I have done that with my 50"Samsung plasma by taking the VGA cable off my computer moniter and adding enough long extensions to reach tv,all is well,,then I took a y adapter cable I had and plugged one end into the audio out on the back of comp and plugged two rca male plugs into the two female ends of the y adapter,available at comp store or electronics store,radio shack,and plugged the other ends into my home theater receiver,but you can plug into the tv .
Go for it and let us know how you make out.


----------



## tomdkat (May 6, 2006)

crossing75 said:


> Now if the hookup is correct, and I go ahead and do this, would I be able to just turn the Tv on and my Pc on, and I could watch a movie from Pc to Tv, or do I have to change to another source (which scares me since I have no clue how to do this)
> Any help will be greatly appreciated.


I haven't read the specs on your TV but I imagine you would need to change the TV to the video input the PC is connected to. This isn't a big deal and can be done with the TV's remote. 

Let us know how it goes!

Peace...


----------



## Mr. Newton (Aug 26, 2006)

tomdkat is absolutely correct,sorry I forgot to mention that.It is a button you select on you remote,very easy to find,,on mine it's tv/video input.
You press it to cycle through your options,again on mine it's hdmi or channel 3 or pc.Your tv remote may be different but you should have no problem getting the setting you want.


----------



## crossing75 (Jul 11, 2002)

Thank you both so much!


----------



## Mr. Newton (Aug 26, 2006)

You are very welcome,my pleasure


----------



## tomdkat (May 6, 2006)

Keep us posted on how it goes. You might also be able to assign names to the various inputs so it will be easier to locate the input you want. For example, on my recently setup DLP HDTV, I assigned the names of "Cable", "DVD", and "Camcord" to the appropriate inputs so when I choose the input I need I can select from meaninful names. 

Good luck!

Peace...


----------



## crossing75 (Jul 11, 2002)

I am getting ready to purchase my cables, and I found this today: It is a Premium VGA with Stereo Audio Cable. Price 29.95
Am I making the right choice?
Marilyn


----------



## crossing75 (Jul 11, 2002)

I should have sent this first:


Item # V15BGM and V25BGM
VGA/M to VGA/M and 3.5mm/M Stereo Audio to 3.5mm/M Stereo Audio


----------



## tomdkat (May 6, 2006)

Can you post a link to the cables you are considering?

Peace...


----------



## crossing75 (Jul 11, 2002)

http://www.monoprice.com/home/home.asp?pn=contact
He suggested #PDI 559 which is both video and audio, or # PID 2121 which is DVI and HDMI then get # PID 650 for audio.

Marilyn


----------



## tomdkat (May 6, 2006)

Ok, here are the links to the cables you are considering:

VGA cable w/ audio

HDMI cable

Now, the VGA cable doesn't have RCA connectors for the audio connections. Here is the product page for the TV.
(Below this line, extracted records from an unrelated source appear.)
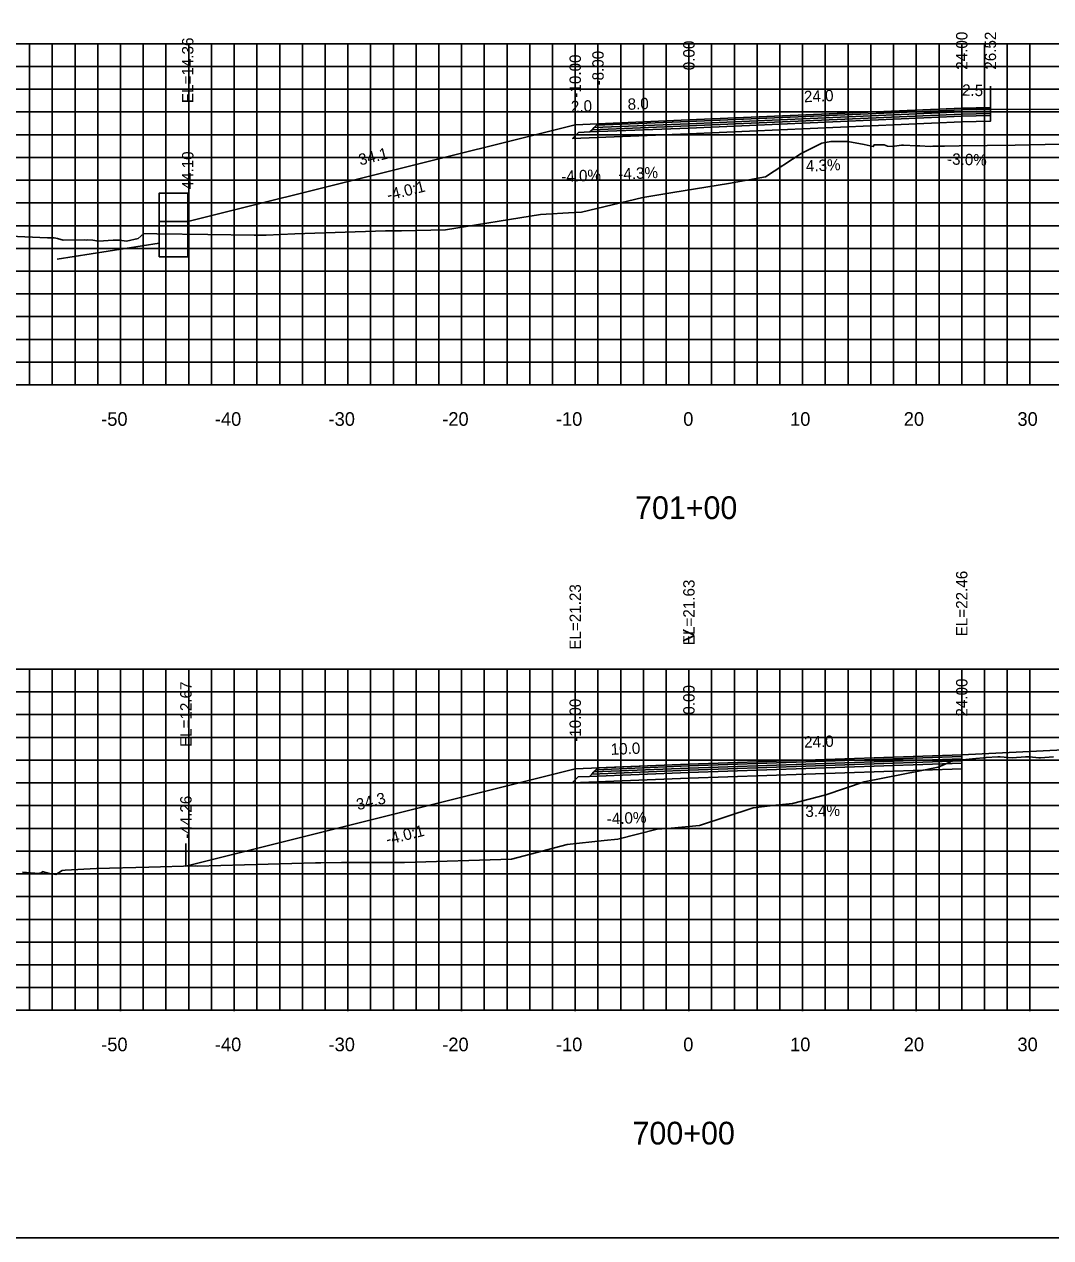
# Model space of a CAD drawing. Extents: x 1797518 to 1804843, y 248068 to 251132.
# Drawn here: x 1802232.5 to 1802322.8, y 250079.4 to 250186.1 of the extents above; entities that cross this region are included whole.
import ezdxf

# ---------------------------------------------------------------- set-up
doc = ezdxf.new("R2010")
doc.units = 0
for name, color, linetype in [('1', 7, 'Continuous'), ('10', 7, 'Continuous'), ('3', 7, 'Continuous'), ('4', 7, 'Continuous'), ('60', 7, 'Continuous'), ('BASE', 7, 'Continuous'), ('CL-CNST', 7, 'Continuous'), ('Level 62', 7, 'Continuous'), ('LOWER BINDER', 7, 'Continuous'), ('M-ROADS', 7, 'Continuous'), ('UPPER BINDER', 7, 'Continuous'), ('WEARING', 7, 'Continuous')]:
    doc.layers.add(name, color=color, linetype=linetype)

msp = doc.modelspace()

# ---------------------------------------------------------------- linework, layer by layer
for p, q in [((1802315, 250178.77), (1802315, 250180.77)), ((1802317.52, 250178.7), (1802317.52, 250180.7)), ((1802281, 250177.31), (1802281, 250179.31)), ((1802283, 250177.39), (1802283, 250179.39)), ((1802291, 250177.74), (1802291, 250179.74)), ((1802246.91, 250168.79), (1802246.91, 250170.79)), ((1802315, 250121.89), (1802315, 250123.89)), ((1802281, 250120.67), (1802281, 250122.67)), ((1802291, 250121.07), (1802291, 250123.07)), ((1802246.75, 250112.1), (1802246.75, 250114.1))]:
    msp.add_line(p, q)
msp.add_lwpolyline([(1802141, 250079.43), (1802441, 250079.43), (1802441, 250269.43), (1802141, 250269.43)], close=True)
at = {"layer": '3'}
msp.add_line((1802235.44, 250165.5), (1802244.4, 250166.88), dxfattribs=at)
at = {"layer": '60'}
for p, q in [((1802141, 250154.43), (1802441, 250154.43)), ((1802241, 250154.37), (1802241, 250154.43)), ((1802251, 250154.37), (1802251, 250154.43)), ((1802261, 250154.37), (1802261, 250154.43)), ((1802271, 250154.37), (1802271, 250154.43)), ((1802281, 250154.37), (1802281, 250154.43)), ((1802291, 250154.37), (1802291, 250154.43)), ((1802301, 250154.37), (1802301, 250154.43)), ((1802311, 250154.37), (1802311, 250154.43)), ((1802321, 250154.37), (1802321, 250154.43)), ((1802141, 250099.43), (1802441, 250099.43)), ((1802241, 250099.37), (1802241, 250099.43)), ((1802251, 250099.37), (1802251, 250099.43)), ((1802261, 250099.37), (1802261, 250099.43)), ((1802271, 250099.37), (1802271, 250099.43)), ((1802281, 250099.37), (1802281, 250099.43)), ((1802291, 250099.37), (1802291, 250099.43)), ((1802301, 250099.37), (1802301, 250099.43)), ((1802311, 250099.37), (1802311, 250099.43)), ((1802321, 250099.37), (1802321, 250099.43))]:
    msp.add_line(p, q, dxfattribs=at)
at = {"layer": 'BASE'}
for points in [[(1802281.28, 250176.63), (1802282.28, 250176.67), (1802291, 250177.02), (1802315, 250178.05), (1802317.52, 250178.11), (1802317.52, 250177.61), (1802315, 250177.55), (1802291, 250176.52), (1802280.76, 250176.11)], [(1802281.25, 250119.96), (1802282.25, 250120), (1802291, 250120.35), (1802315, 250121.17), (1802315, 250121.17), (1802315, 250120.67), (1802315, 250120.67), (1802291, 250119.85), (1802280.73, 250119.44)]]:
    msp.add_lwpolyline(points, close=True, dxfattribs=at)
at = {"layer": 'CL-CNST'}
for points in [[(1802246.91, 250168.79), (1802281, 250177.31), (1802283, 250177.39), (1802291, 250177.74), (1802315, 250178.77), (1802317.52, 250178.7)], [(1802317.54, 250178.67), (1802329.54, 250178.65)], [(1802315, 250121.89), (1802323.96, 250122.34)], [(1802246.75, 250112.1), (1802281, 250120.67), (1802291, 250121.07), (1802315, 250121.89)]]:
    msp.add_lwpolyline(points, dxfattribs=at)
for points in [[(1802246.91, 250168.79), (1802244.41, 250168.79), (1802244.41, 250171.29), (1802246.91, 250171.29)], [(1802244.4, 250165.68), (1802246.91, 250165.68), (1802246.91, 250168.79), (1802244.4, 250168.79)]]:
    msp.add_lwpolyline(points, close=True, dxfattribs=at)
at = {"layer": 'Level 62'}
for p, q in [((1802141, 250184.43), (1802441, 250184.43)), ((1802233, 250154.43), (1802233, 250184.43)), ((1802235, 250154.43), (1802235, 250184.43)), ((1802237, 250154.43), (1802237, 250184.43)), ((1802239, 250154.43), (1802239, 250184.43)), ((1802241, 250154.43), (1802241, 250184.43)), ((1802243, 250154.43), (1802243, 250184.43)), ((1802245, 250154.43), (1802245, 250184.43)), ((1802247, 250154.43), (1802247, 250184.43)), ((1802249, 250154.43), (1802249, 250184.43)), ((1802251, 250154.43), (1802251, 250184.43)), ((1802253, 250154.43), (1802253, 250184.43)), ((1802255, 250154.43), (1802255, 250184.43)), ((1802257, 250154.43), (1802257, 250184.43)), ((1802259, 250154.43), (1802259, 250184.43)), ((1802261, 250154.43), (1802261, 250184.43)), ((1802263, 250154.43), (1802263, 250184.43)), ((1802265, 250154.43), (1802265, 250184.43)), ((1802267, 250154.43), (1802267, 250184.43)), ((1802269, 250154.43), (1802269, 250184.43)), ((1802271, 250154.43), (1802271, 250184.43)), ((1802273, 250154.43), (1802273, 250184.43)), ((1802275, 250154.43), (1802275, 250184.43)), ((1802277, 250154.43), (1802277, 250184.43)), ((1802279, 250154.43), (1802279, 250184.43)), ((1802281, 250154.43), (1802281, 250184.43)), ((1802283, 250154.43), (1802283, 250184.43)), ((1802285, 250154.43), (1802285, 250184.43)), ((1802287, 250154.43), (1802287, 250184.43)), ((1802289, 250154.43), (1802289, 250184.43)), ((1802291, 250154.43), (1802291, 250184.43)), ((1802293, 250154.43), (1802293, 250184.43)), ((1802295, 250154.43), (1802295, 250184.43)), ((1802297, 250154.43), (1802297, 250184.43)), ((1802299, 250154.43), (1802299, 250184.43)), ((1802301, 250154.43), (1802301, 250184.43)), ((1802303, 250154.43), (1802303, 250184.43)), ((1802305, 250154.43), (1802305, 250184.43)), ((1802307, 250154.43), (1802307, 250184.43)), ((1802309, 250154.43), (1802309, 250184.43)), ((1802311, 250154.43), (1802311, 250184.43)), ((1802313, 250154.43), (1802313, 250184.43)), ((1802315, 250154.43), (1802315, 250184.43)), ((1802317, 250154.43), (1802317, 250184.43)), ((1802319, 250154.43), (1802319, 250184.43)), ((1802321, 250154.43), (1802321, 250184.43)), ((1802141, 250182.43), (1802441, 250182.43)), ((1802141, 250180.43), (1802441, 250180.43)), ((1802141, 250178.43), (1802441, 250178.43)), ((1802141, 250176.43), (1802441, 250176.43)), ((1802141, 250174.43), (1802441, 250174.43)), ((1802141, 250172.43), (1802441, 250172.43)), ((1802141, 250170.43), (1802441, 250170.43)), ((1802141, 250168.43), (1802441, 250168.43)), ((1802141, 250166.43), (1802441, 250166.43)), ((1802141, 250164.43), (1802441, 250164.43)), ((1802141, 250162.43), (1802441, 250162.43)), ((1802141, 250160.43), (1802441, 250160.43)), ((1802141, 250158.43), (1802441, 250158.43)), ((1802141, 250156.43), (1802441, 250156.43)), ((1802141, 250154.43), (1802441, 250154.43)), ((1802141, 250129.43), (1802441, 250129.43)), ((1802233, 250099.43), (1802233, 250129.43)), ((1802235, 250099.43), (1802235, 250129.43)), ((1802237, 250099.43), (1802237, 250129.43)), ((1802239, 250099.43), (1802239, 250129.43)), ((1802241, 250099.43), (1802241, 250129.43)), ((1802243, 250099.43), (1802243, 250129.43)), ((1802245, 250099.43), (1802245, 250129.43)), ((1802247, 250099.43), (1802247, 250129.43)), ((1802249, 250099.43), (1802249, 250129.43)), ((1802251, 250099.43), (1802251, 250129.43)), ((1802253, 250099.43), (1802253, 250129.43)), ((1802255, 250099.43), (1802255, 250129.43)), ((1802257, 250099.43), (1802257, 250129.43)), ((1802259, 250099.43), (1802259, 250129.43)), ((1802261, 250099.43), (1802261, 250129.43)), ((1802263, 250099.43), (1802263, 250129.43)), ((1802265, 250099.43), (1802265, 250129.43)), ((1802267, 250099.43), (1802267, 250129.43)), ((1802269, 250099.43), (1802269, 250129.43)), ((1802271, 250099.43), (1802271, 250129.43)), ((1802273, 250099.43), (1802273, 250129.43)), ((1802275, 250099.43), (1802275, 250129.43)), ((1802277, 250099.43), (1802277, 250129.43)), ((1802279, 250099.43), (1802279, 250129.43)), ((1802281, 250099.43), (1802281, 250129.43)), ((1802283, 250099.43), (1802283, 250129.43)), ((1802285, 250099.43), (1802285, 250129.43)), ((1802287, 250099.43), (1802287, 250129.43)), ((1802289, 250099.43), (1802289, 250129.43)), ((1802291, 250099.43), (1802291, 250129.43)), ((1802293, 250099.43), (1802293, 250129.43)), ((1802295, 250099.43), (1802295, 250129.43)), ((1802297, 250099.43), (1802297, 250129.43)), ((1802299, 250099.43), (1802299, 250129.43)), ((1802301, 250099.43), (1802301, 250129.43)), ((1802303, 250099.43), (1802303, 250129.43)), ((1802305, 250099.43), (1802305, 250129.43)), ((1802307, 250099.43), (1802307, 250129.43)), ((1802309, 250099.43), (1802309, 250129.43)), ((1802311, 250099.43), (1802311, 250129.43)), ((1802313, 250099.43), (1802313, 250129.43)), ((1802315, 250099.43), (1802315, 250129.43)), ((1802317, 250099.43), (1802317, 250129.43)), ((1802319, 250099.43), (1802319, 250129.43)), ((1802321, 250099.43), (1802321, 250129.43)), ((1802141, 250127.43), (1802441, 250127.43)), ((1802141, 250125.43), (1802441, 250125.43)), ((1802141, 250123.43), (1802441, 250123.43)), ((1802141, 250121.43), (1802441, 250121.43)), ((1802141, 250119.43), (1802441, 250119.43)), ((1802141, 250117.43), (1802441, 250117.43)), ((1802141, 250115.43), (1802441, 250115.43)), ((1802141, 250113.43), (1802441, 250113.43)), ((1802141, 250111.43), (1802441, 250111.43)), ((1802141, 250109.43), (1802441, 250109.43)), ((1802141, 250107.43), (1802441, 250107.43)), ((1802141, 250105.43), (1802441, 250105.43)), ((1802141, 250103.43), (1802441, 250103.43)), ((1802141, 250101.43), (1802441, 250101.43)), ((1802141, 250099.43), (1802441, 250099.43))]:
    msp.add_line(p, q, dxfattribs=at)
at = {"layer": 'LOWER BINDER'}
for points in [[(1802291, 250177.21), (1802315, 250178.24), (1802317.52, 250178.3), (1802317.52, 250178.11), (1802315, 250178.05), (1802291, 250177.02), (1802282.28, 250176.67), (1802282.48, 250176.87)], [(1802291, 250177.4), (1802315, 250178.43), (1802317.52, 250178.49), (1802317.52, 250178.3), (1802315, 250178.24), (1802291, 250177.21), (1802282.48, 250176.87), (1802282.67, 250177.06)], [(1802291, 250120.54), (1802315, 250121.36), (1802315, 250121.36), (1802315, 250121.17), (1802315, 250121.17), (1802291, 250120.35), (1802282.25, 250120), (1802282.45, 250120.19)], [(1802291, 250120.73), (1802315, 250121.55), (1802315, 250121.56), (1802315, 250121.36), (1802315, 250121.36), (1802291, 250120.54), (1802282.45, 250120.19), (1802282.65, 250120.39)]]:
    msp.add_lwpolyline(points, close=True, dxfattribs=at)
at = {"layer": 'M-ROADS'}
for points in [[(1802231.25, 250167.52), (1802234.58, 250167.36), (1802235.17, 250167.36), (1802235.45, 250167.3), (1802235.94, 250167.17), (1802237.86, 250167.18), (1802238, 250167.17), (1802238.11, 250167.18), (1802238.55, 250167.17), (1802239.07, 250167.08), (1802240.34, 250167.17), (1802240.91, 250167.17), (1802241.53, 250167.07), (1802242.55, 250167.29), (1802243.06, 250167.73), (1802244.18, 250167.71), (1802248.69, 250167.65), (1802252.75, 250167.59), (1802253.3, 250167.59), (1802253.8, 250167.59), (1802256.32, 250167.71), (1802264.3, 250167.98), (1802265.72, 250167.97), (1802269.58, 250168.07), (1802277.94, 250169.42), (1802280.92, 250169.59), (1802281.55, 250169.62), (1802286.94, 250170.9), (1802289.58, 250171.34), (1802294.49, 250172.15), (1802297.73, 250172.72), (1802300.88, 250174.77), (1802302.68, 250175.7), (1802303.49, 250175.83), (1802304.97, 250175.83), (1802306.43, 250175.56), (1802307.22, 250175.39), (1802307.31, 250175.55), (1802308.18, 250175.55), (1802308.48, 250175.41), (1802308.89, 250175.39), (1802309.69, 250175.5), (1802309.77, 250175.5), (1802309.88, 250175.5), (1802311.02, 250175.45), (1802311.31, 250175.45), (1802312.23, 250175.4), (1802312.45, 250175.41), (1802313.49, 250175.42), (1802314.78, 250175.44), (1802319.71, 250175.52), (1802323.66, 250175.59)], [(1802232.38, 250111.57), (1802233.82, 250111.47), (1802234.1, 250111.54), (1802234.12, 250111.63), (1802234.74, 250111.46), (1802235.3, 250111.38), (1802235.86, 250111.73), (1802236.13, 250111.76), (1802238.9, 250111.89), (1802243.48, 250112.01), (1802247.56, 250112.13), (1802247.73, 250112.12), (1802258.16, 250112.39), (1802258.61, 250112.4), (1802260.43, 250112.43), (1802261.82, 250112.43), (1802262.96, 250112.43), (1802265.98, 250112.44), (1802275.39, 250112.73), (1802280.29, 250114.02), (1802283.54, 250114.36), (1802284.74, 250114.49), (1802288.22, 250115.36), (1802289.44, 250115.46), (1802291.94, 250115.67), (1802296.65, 250117.24), (1802298.65, 250117.47), (1802300.1, 250117.63), (1802303.04, 250118.39), (1802306.41, 250119.53), (1802311.35, 250120.5), (1802312.92, 250120.81), (1802314.22, 250121.38), (1802316.24, 250121.57), (1802316.91, 250121.63), (1802317.15, 250121.65), (1802318.17, 250121.73), (1802318.37, 250121.73), (1802318.74, 250121.68), (1802319.45, 250121.63), (1802320.62, 250121.73), (1802320.69, 250121.73), (1802320.95, 250121.71), (1802321.78, 250121.64), (1802321.89, 250121.64), (1802321.94, 250121.63), (1802323.07, 250121.72)]]:
    msp.add_lwpolyline(points, dxfattribs=at)
at = {"layer": 'UPPER BINDER'}
for points in [[(1802317.52, 250178.49), (1802317.52, 250178.68), (1802315, 250178.62), (1802291, 250177.59), (1802282.87, 250177.26), (1802282.67, 250177.06), (1802291, 250177.4), (1802315, 250178.43)], [(1802315, 250121.56), (1802315, 250121.74), (1802315, 250121.74), (1802291, 250120.92), (1802282.85, 250120.59), (1802282.65, 250120.39), (1802291, 250120.73), (1802315, 250121.55)]]:
    msp.add_lwpolyline(points, close=True, dxfattribs=at)
at = {"layer": 'WEARING'}
for points in [[(1802317.52, 250178.68), (1802317.52, 250178.83), (1802315, 250178.77), (1802291, 250177.74), (1802283, 250177.39), (1802282.87, 250177.26), (1802291, 250177.59), (1802315, 250178.62)], [(1802315, 250121.74), (1802315, 250121.89), (1802315, 250121.89), (1802291, 250121.07), (1802283, 250120.75), (1802282.85, 250120.59), (1802291, 250120.92), (1802315, 250121.74)]]:
    msp.add_lwpolyline(points, close=True, dxfattribs=at)

# ---------------------------------------------------------------- texts
for p in [(1802264.56, 250170.62), (1802264.48, 250113.96)]:
    msp.add_text('-4.0:1', height=1, rotation=14.0362).set_placement(p)
at = {"layer": '1'}
for s, p in [('701+00', (1802286.26, 250142.63)), ('700+00', (1802286.04, 250087.63))]:
    msp.add_text(s, height=2, dxfattribs=at).set_placement(p)
at = {"layer": '10'}
for s, p in [('-50', (1802239.3, 250150.83)), ('-40', (1802249.3, 250150.83)), ('-30', (1802259.3, 250150.83)), ('-20', (1802269.3, 250150.83)), ('-10', (1802279.3, 250150.83)), ('0', (1802290.5, 250150.83)), ('10', (1802299.9, 250150.83)), ('20', (1802309.9, 250150.83)), ('30', (1802319.9, 250150.83)), ('-50', (1802239.3, 250095.83)), ('-40', (1802249.3, 250095.83)), ('-30', (1802259.3, 250095.83)), ('-20', (1802269.3, 250095.83)), ('-10', (1802279.3, 250095.83)), ('0', (1802290.5, 250095.83)), ('10', (1802299.9, 250095.83)), ('20', (1802309.9, 250095.83)), ('30', (1802319.9, 250095.83))]:
    msp.add_text(s, height=1.2, dxfattribs=at).set_placement(p)
at = {"layer": '3'}
for s, p in [('24.00', (1802315.5, 250182.14)), ('26.52', (1802318.02, 250182.15)), ('EL=14.36', (1802247.41, 250179.21)), ('0.00', (1802291.5, 250182.1)), ('-10.00', (1802281.5, 250179.69)), ('-8.00', (1802283.5, 250180.76)), ('-44.10', (1802247.41, 250171.17)), ('EL=21.63', (1802291.5, 250131.54)), ('EL=22.46', (1802315.5, 250132.32)), ('EL=21.23', (1802281.5, 250131.14)), ('EL=12.67', (1802247.25, 250122.58)), ('0.00', (1802291.5, 250125.43)), ('24.00', (1802315.5, 250125.26)), ('-10.00', (1802281.5, 250123.04)), ('-44.26', (1802247.25, 250114.51))]:
    msp.add_text(s, height=1, rotation=90, dxfattribs=at).set_placement(p)
at = {"layer": '4'}
for s, rotation, p in [('24.0', 2.4736, (1802301.14, 250179.28)), ('2.5', 358.2621, (1802315.01, 250179.87)), ('2.0', 2.2906, (1802280.64, 250178.4)), ('8.0', 2.4736, (1802285.63, 250178.61)), ('34.1', 14.0362, (1802262.08, 250173.72)), ('-3.0%', 358.2621, (1802313.7, 250173.81)), ('-4.3%', 2.4736, (1802284.81, 250172.47)), ('4.3%', 2.4736, (1802301.31, 250173.18)), ('-4.0%', 2.2906, (1802279.79, 250172.26)), ('24.0', 1.9759, (1802301.15, 250122.52)), ('10.0', 2.2906, (1802284.14, 250121.89)), ('34.3', 14.0362, (1802261.88, 250117.02)), ('-4.0%', 2.2906, (1802283.79, 250115.77)), ('3.4%', 1.9759, (1802301.26, 250116.42))]:
    msp.add_text(s, height=1, rotation=rotation, dxfattribs=at).set_placement(p)
at = {"layer": '60'}
msp.add_text('>', height=1.5, dxfattribs=at).set_placement((1802290.39, 250131.68))

doc.saveas('drawing.dxf')

If your video card doesn't have a HDMI output, going with that VGA cable looks to be your best bet.

Peace...


----------



## crossing75 (Jul 11, 2002)

Thank you for your quick reply. I do have a HDMI output on my PC. So now what do you think is my best choice?
I don't know if this would make any difference in your choice, but I have a 25 ft. run from PC to TV, and this would be to watch movies only.
Again, thank you so much for all your help!
Marilyn


----------



## tomdkat (May 6, 2006)

I'm tempted to say go with the HDMI cable but if you're running low on free HDMI inputs on your TV, going with the VGA cable would be a better option so you can conserve the free HDMI inputs.

The VGA cable is less expensive. I presume you don't have a home theater with an A/V receiver with a HDMI input?

I'm a cheap *******... go with the VGA cable. 

Peace...


----------



## crossing75 (Jul 11, 2002)

OH oh, you presumed wrong! I have Pansonic Plasma..Bose Surround Sound..Sony S300 Blu-ray..and Dvr Motorola.
The only HDMI;s that I could find are on the back of the TV...HDMI 1 and HDMI 2 where the DVD goes into.


----------



## tomdkat (May 6, 2006)

crossing75 said:


> OH oh, you presumed wrong! I have Pansonic Plasma..Bose Surround Sound..Sony S300 Blu-ray..and Dvr Motorola.
> The only HDMI;s that I could find are on the back of the TV...HDMI 1 and HDMI 2 where the DVD goes into.


Well, maybe or maybe not.  How old is your Bose Surround Sound system? If you didn't get it recently, chances are it does NOT have a receiver component with HDMI inputs and output. Since you only have two HDMI inputs and one is being used by your Blu-Ray disc player (or do you also have a DVD player with a HDMI outout that you didn't mention?) I would go with the VGA connection to conserve the remaining HDMI input for a future device you might want to connect to your TV, like a gaming console with an HDMI output. Is the DVR connected using component video connections?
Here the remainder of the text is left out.